A Way Out Presents Itself

Since a Big Bang, deploy-everything-at-once-and-lose-data solution wasn’t tenable, we needed to find a way for csuuid.UUID to support both the existing, invalid JSON data and the new, correct format. Going back to the documentation for JSON marshaling, UnmarshalText() is the second option for converting from JSON. If a type satisfies encoding/json.Unmarshaler, by providing UnmarshalJSON(<>byte) error, then json.Unmarshal() will call that method, passing in the bytes of the JSON data. By implementing that method and using a json.Decoder to process the raw bytes of the JSON stream, we were able to accomplish what we needed. The core of the solution relied on taking advantage of the previously unknown bug where the prior versions of csuuid.UUID always generated an empty JSON object when serialized. Using that knowledge, we created a json.Decoder to inspect the contents of the raw bytes before populating the csuuid.UUID value. With this code in place, we were able to:

 

  1. Confirm that the service could successfully queue and process messages across versions

     

  2. Ensure any csuuid.UUID values are “correctly” marshaled to JSON as hex strings
  3. Write csuuid.UUID values to a database and read them back
Time to celebrate!

Lessons for the Future

Now that our team has resolved this issue, and all is well once again in JSON Land, let’s review a few lessons that we learned from our adventure:
  1. Normally, adding new methods to a type would not be a breaking change, as no consumers would be affected. Unfortunately, some special methods, like those that are involved in JSON marshaling, can generate breaking behavioral changes despite not breaking the consumer-facing API. This is something we overlooked when we got excited about our “free win.”
  2. Even if you don’t do it yourself, future consumers that you never thought of may decide to write values of your type to JSON. If you don’t consider what that representation should look like, the default behavior of Go’s encoding/json package may well do something that is deterministic but most definitely wrong , as was the case when

     

    generating
    {} as the JSON value for our csuuid.UUID type.
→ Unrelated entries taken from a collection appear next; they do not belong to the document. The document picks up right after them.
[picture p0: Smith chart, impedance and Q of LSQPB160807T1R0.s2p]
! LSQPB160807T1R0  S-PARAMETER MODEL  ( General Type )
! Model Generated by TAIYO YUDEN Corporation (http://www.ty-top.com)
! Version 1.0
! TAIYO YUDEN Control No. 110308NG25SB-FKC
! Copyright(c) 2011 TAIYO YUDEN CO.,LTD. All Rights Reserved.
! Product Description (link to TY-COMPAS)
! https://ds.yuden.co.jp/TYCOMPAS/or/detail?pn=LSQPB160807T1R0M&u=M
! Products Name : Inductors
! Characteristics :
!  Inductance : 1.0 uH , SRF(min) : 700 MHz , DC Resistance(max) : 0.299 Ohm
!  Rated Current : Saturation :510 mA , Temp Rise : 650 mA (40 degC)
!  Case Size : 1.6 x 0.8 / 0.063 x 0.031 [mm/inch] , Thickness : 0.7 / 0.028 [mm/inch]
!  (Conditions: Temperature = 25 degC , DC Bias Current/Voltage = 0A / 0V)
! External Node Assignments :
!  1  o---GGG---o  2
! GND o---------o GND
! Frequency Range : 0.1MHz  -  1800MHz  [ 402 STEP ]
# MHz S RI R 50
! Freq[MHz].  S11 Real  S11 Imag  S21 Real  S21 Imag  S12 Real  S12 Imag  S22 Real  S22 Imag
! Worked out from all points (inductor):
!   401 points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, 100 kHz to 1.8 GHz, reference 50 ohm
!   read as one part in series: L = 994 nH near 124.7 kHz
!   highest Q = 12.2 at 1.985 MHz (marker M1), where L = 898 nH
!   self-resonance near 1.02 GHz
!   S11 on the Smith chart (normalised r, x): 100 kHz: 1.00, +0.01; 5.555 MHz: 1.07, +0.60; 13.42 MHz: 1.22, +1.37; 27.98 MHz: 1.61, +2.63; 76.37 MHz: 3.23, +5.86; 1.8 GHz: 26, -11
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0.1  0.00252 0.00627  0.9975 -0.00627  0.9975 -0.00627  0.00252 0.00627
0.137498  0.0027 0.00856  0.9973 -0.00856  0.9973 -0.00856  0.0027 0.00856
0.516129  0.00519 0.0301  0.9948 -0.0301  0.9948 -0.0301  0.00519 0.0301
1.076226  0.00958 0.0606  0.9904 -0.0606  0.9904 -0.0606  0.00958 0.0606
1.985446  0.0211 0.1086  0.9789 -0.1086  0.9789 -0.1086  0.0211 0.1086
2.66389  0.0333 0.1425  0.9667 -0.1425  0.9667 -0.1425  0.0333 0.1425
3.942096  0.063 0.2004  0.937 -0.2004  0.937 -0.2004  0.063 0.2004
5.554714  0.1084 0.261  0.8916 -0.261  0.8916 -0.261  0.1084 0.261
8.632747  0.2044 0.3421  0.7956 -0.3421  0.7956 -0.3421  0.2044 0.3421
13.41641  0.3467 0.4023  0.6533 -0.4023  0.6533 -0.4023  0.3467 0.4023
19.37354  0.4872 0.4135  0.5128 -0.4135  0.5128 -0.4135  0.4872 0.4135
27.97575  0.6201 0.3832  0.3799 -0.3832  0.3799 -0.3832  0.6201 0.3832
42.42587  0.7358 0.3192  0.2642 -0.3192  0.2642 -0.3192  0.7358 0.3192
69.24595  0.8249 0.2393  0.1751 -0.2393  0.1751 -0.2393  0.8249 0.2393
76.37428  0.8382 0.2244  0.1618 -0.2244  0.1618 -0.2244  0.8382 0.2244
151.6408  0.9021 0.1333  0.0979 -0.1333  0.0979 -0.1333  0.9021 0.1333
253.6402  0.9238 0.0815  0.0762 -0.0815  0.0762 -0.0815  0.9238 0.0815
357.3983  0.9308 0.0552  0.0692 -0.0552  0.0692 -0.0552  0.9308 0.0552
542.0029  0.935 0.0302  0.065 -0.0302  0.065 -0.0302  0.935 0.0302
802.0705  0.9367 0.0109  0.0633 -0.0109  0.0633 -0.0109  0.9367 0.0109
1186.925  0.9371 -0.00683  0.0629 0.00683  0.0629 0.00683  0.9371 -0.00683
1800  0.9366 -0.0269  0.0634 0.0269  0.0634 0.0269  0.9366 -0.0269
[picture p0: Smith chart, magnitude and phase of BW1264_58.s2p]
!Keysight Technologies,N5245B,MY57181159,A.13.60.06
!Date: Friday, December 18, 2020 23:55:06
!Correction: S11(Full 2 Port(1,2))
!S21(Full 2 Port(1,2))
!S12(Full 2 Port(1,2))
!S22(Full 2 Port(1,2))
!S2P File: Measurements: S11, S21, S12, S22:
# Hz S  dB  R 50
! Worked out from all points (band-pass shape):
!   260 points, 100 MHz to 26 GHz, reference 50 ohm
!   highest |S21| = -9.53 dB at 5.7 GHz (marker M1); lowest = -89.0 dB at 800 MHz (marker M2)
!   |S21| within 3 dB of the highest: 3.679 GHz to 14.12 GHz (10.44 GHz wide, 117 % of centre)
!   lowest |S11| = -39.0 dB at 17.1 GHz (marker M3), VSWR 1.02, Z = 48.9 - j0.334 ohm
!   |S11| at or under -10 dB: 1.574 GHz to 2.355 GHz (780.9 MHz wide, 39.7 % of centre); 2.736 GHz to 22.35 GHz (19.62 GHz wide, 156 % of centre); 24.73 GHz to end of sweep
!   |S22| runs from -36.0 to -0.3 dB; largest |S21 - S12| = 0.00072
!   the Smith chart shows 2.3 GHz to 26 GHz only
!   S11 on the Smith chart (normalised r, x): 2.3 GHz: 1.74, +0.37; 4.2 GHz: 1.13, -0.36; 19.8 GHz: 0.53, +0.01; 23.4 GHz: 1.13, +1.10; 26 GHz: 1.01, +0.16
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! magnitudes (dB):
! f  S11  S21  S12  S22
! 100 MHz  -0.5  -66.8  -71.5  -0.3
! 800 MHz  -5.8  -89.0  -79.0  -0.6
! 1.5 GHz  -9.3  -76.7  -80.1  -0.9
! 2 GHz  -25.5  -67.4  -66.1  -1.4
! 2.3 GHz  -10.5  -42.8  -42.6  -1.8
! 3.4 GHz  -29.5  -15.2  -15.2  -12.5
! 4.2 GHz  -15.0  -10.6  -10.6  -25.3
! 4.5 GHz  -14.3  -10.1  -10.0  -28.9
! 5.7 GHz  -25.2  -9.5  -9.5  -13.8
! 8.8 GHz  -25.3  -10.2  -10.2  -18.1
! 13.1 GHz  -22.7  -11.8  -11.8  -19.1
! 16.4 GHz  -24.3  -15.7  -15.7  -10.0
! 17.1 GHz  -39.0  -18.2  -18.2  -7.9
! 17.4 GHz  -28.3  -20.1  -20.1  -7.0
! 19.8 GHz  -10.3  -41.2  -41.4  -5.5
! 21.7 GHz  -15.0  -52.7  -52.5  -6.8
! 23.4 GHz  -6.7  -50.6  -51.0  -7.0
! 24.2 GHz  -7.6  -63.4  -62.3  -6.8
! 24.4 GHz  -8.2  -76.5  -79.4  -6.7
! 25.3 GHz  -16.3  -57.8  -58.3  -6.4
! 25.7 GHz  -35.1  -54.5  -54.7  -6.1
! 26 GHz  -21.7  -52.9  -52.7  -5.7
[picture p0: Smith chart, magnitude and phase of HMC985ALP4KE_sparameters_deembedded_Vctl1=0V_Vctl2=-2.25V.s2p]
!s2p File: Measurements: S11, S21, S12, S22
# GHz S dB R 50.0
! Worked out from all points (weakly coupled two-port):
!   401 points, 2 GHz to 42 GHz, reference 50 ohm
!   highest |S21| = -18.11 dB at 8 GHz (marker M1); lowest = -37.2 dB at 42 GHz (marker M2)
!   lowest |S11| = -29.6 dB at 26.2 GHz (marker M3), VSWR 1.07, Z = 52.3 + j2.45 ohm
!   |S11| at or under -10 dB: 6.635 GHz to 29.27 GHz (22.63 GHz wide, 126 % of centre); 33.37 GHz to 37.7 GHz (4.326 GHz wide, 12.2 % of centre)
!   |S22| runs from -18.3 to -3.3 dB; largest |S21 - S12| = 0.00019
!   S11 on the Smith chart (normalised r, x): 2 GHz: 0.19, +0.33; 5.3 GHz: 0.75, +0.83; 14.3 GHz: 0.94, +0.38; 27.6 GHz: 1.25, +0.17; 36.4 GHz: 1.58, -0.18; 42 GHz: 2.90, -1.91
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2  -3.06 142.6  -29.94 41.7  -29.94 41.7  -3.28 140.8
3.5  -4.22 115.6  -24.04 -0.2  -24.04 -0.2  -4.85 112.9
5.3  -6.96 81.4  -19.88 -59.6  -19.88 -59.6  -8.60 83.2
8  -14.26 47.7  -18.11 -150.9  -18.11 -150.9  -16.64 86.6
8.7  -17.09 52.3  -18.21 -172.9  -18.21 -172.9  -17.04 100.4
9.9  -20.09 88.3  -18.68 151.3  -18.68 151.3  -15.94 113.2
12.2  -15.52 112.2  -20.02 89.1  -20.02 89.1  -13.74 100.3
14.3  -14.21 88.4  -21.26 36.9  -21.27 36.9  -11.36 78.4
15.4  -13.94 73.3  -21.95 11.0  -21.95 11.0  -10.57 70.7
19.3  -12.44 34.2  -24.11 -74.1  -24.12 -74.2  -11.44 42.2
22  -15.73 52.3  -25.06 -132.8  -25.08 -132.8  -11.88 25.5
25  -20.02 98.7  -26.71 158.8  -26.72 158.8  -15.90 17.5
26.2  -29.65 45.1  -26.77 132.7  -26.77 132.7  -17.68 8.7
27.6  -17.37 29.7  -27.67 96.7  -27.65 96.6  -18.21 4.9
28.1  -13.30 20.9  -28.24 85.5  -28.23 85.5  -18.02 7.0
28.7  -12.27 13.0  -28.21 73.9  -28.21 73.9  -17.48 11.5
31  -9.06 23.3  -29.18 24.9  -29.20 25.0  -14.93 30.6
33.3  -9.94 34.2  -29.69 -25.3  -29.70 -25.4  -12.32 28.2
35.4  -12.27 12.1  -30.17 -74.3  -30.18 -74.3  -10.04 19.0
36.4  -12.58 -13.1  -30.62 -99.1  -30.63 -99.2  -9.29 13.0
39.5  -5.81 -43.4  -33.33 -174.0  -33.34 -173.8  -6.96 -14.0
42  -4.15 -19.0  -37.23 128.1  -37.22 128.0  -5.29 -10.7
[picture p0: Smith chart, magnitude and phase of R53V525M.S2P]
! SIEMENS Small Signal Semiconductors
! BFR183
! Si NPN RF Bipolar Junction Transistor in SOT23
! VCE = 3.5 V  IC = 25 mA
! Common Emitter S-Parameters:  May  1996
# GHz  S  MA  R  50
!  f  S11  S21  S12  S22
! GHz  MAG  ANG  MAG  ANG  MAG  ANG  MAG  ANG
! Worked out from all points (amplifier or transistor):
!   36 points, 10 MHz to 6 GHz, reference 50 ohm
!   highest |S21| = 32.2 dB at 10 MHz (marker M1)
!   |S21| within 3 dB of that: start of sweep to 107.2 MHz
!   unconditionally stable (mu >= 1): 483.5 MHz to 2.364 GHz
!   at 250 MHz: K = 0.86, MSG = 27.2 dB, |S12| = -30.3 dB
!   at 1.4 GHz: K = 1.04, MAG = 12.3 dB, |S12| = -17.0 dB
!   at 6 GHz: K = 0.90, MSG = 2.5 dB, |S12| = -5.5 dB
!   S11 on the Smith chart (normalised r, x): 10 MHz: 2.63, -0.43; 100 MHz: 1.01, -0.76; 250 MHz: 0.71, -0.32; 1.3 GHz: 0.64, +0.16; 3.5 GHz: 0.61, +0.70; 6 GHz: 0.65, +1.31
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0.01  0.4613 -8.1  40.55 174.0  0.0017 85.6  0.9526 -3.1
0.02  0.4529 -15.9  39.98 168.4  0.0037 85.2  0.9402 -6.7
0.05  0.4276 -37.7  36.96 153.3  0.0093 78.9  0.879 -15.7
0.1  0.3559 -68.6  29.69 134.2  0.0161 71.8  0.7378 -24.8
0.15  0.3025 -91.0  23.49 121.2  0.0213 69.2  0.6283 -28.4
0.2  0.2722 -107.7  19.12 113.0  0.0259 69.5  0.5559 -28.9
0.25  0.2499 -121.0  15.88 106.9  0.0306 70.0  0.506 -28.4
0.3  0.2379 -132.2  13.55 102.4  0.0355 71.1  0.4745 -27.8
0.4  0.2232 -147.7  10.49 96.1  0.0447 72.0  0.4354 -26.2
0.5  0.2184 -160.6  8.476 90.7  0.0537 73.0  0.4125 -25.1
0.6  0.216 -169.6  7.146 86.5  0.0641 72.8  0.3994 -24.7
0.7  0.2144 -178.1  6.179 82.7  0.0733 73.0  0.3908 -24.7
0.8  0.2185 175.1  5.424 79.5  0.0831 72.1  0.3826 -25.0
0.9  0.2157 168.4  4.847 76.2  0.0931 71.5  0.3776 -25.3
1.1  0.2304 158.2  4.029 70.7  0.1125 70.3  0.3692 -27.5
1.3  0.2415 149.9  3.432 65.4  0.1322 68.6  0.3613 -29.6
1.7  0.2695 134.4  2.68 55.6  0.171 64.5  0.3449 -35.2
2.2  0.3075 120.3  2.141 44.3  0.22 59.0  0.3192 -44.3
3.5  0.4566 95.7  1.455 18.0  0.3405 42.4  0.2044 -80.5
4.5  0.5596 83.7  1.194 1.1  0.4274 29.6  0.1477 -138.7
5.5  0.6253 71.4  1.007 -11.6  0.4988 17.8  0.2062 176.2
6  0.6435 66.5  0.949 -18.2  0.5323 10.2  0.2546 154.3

Take some time to think about what your type should look like when written to JSON, especially if the type is exported outside of the local module/package.
  3. Don’t forget that the simple, straightforward solutions are not the only ones available. In this scenario, introducing the new MarshalText()/UnmarshalText() methods was the simple, well documented way to correctly support converting csuuid.UUID values to/from JSON. However, doing the simple thing is what introduced the bug. By switching to the lower-level json.Decoder we were able to extend csuuid.UUID to be backwards compatible with the previous

     

    code while also providing the “correct” behavior going forward.